John the Baptist as Elijah
The unanimous
agreement of the gospels is that John the Baptist is the Elijah referred
to in Mal 4:5-6, but obviously not the literal Elijah. There is a "twist"
in the fulfilment of the prophecy.
4.1.
Elijah as Eschatological Figure
4.1.1.
Old Testament
Before the eschaton,
according to Mal 4:5-6, Elijah is to return in order to prepare the people
by reconciling the children to their fathers and fathers to their children,
so that they would be spared eschatological judgment: "See
I will send you the prophet Elijah before that great and dreadful day
of the Lord comes.
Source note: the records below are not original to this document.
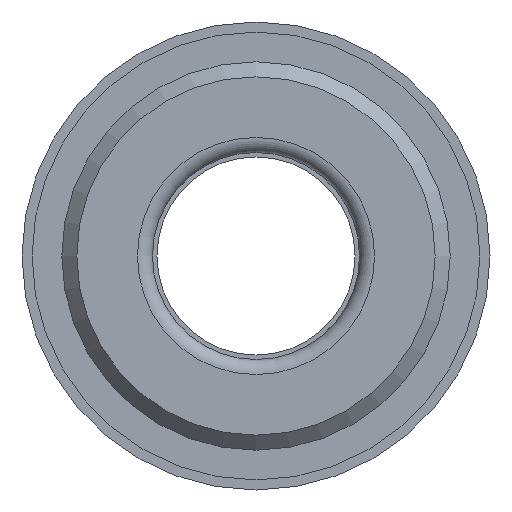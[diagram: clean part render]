
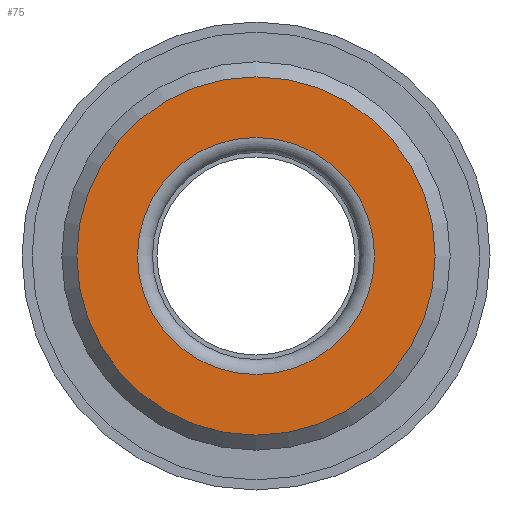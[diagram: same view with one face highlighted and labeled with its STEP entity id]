
A CAD part, left-side view. The second image highlights one B-rep face of the part: STEP entity #75.
In plain terms, the highlighted planar face has unit normal (-1, 0, 0).
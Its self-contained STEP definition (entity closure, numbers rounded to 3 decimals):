
#75 = ADVANCED_FACE( '', ( #112, #113 ), #114, .F. );
#112 = FACE_OUTER_BOUND( '', #202, .T. );
#113 = FACE_BOUND( '', #203, .T. );
#114 = PLANE( '', #204 );
#202 = EDGE_LOOP( '', ( #292 ) );
#203 = EDGE_LOOP( '', ( #293 ) );
#204 = AXIS2_PLACEMENT_3D( '', #294, #295, #296 );
#292 = ORIENTED_EDGE( '', *, *, #518, .F. );
#293 = ORIENTED_EDGE( '', *, *, #519, .F. );
#294 = CARTESIAN_POINT( '', ( -0.572, 0., 0. ) );
#295 = DIRECTION( '', ( 1., 0., 0. ) );
#296 = DIRECTION( '', ( 0., 0., -1. ) );
#518 = EDGE_CURVE( '', #577, #577, #578, .T. );
#519 = EDGE_CURVE( '', #579, #579, #580, .F. );
#577 = VERTEX_POINT( '', #677 );
#578 = CIRCLE( '', #678, 6.8 );
#579 = VERTEX_POINT( '', #679 );
#580 = CIRCLE( '', #680, 4.5 );
#677 = CARTESIAN_POINT( '', ( -0.572, 0., -6.8 ) );
#678 = AXIS2_PLACEMENT_3D( '', #863, #864, #865 );
#679 = CARTESIAN_POINT( '', ( -0.572, 0., -4.5 ) );
#680 = AXIS2_PLACEMENT_3D( '', #866, #867, #868 );
#863 = CARTESIAN_POINT( '', ( -0.572, 0., 0. ) );
#864 = DIRECTION( '', ( 1., 0., 0. ) );
#865 = DIRECTION( '', ( 0., 0., -1. ) );
#866 = CARTESIAN_POINT( '', ( -0.572, 0., 0. ) );
#867 = DIRECTION( '', ( 1., 0., 0. ) );
#868 = DIRECTION( '', ( 0., 0., -1. ) );

He will turn the hearts of the fathers to their children,
and the hearts of the children to their fathers; or else I will come and
strike the land with a curse."
4.1.2.
Second-Temple Texts, New Testament and the
Mishnah
There are references
to the return of Elijah in second-Temple sources, the New Testament and
the Mishnah.
A. Wisdom of Jesus
b. Sirach 48:10: Mal 4:5-6 is interpreted in Sirach 48:10
literally as the actual return of Elijah, who was assumed to heaven, without
seeing death, many centuries earlier (2 Kings 2): "At
the appointed time, it is written, you [Elijah] are destined to calm the
wrath of God before it breaks out in fury, to turn the hearts of parents
to children and to restore the tribes of Jacob." (We should note
that Sirach includes the restoration of the tribes of Jacob in the eschatological
function of Elijah.)
B.
Sibylline Oracles 2:187-89: "Then the Thesbite
[Elijah], driving a heavenly chariot at full stretch from heaven, will
come on earth and then display three signs to the whole world, as life
perishes."
C. New Testament
Evidence that
Jews contemporary with John the Baptist and Jesus believed that Elijah
would return before the eschaton is found in the New Testament.
- Mark 6:15 = Luke 9:8:
In attempting to explain Jesus salvation-historically, some Jews propose
that he is Elijah: "But others were saying,
'He is Elijah'." To do so presupposes the belief that
Elijah would return before the eschaton.
- Mark 8:28; Matt 16:14;
Luke 9:19: Jesus asks his disciples about what people are saying about
who he is. Among the possibilities enumerated is that Jesus is Elijah:
"They told Him, saying, 'John the Baptist;
and others say Elijah; but others, one of the prophets'."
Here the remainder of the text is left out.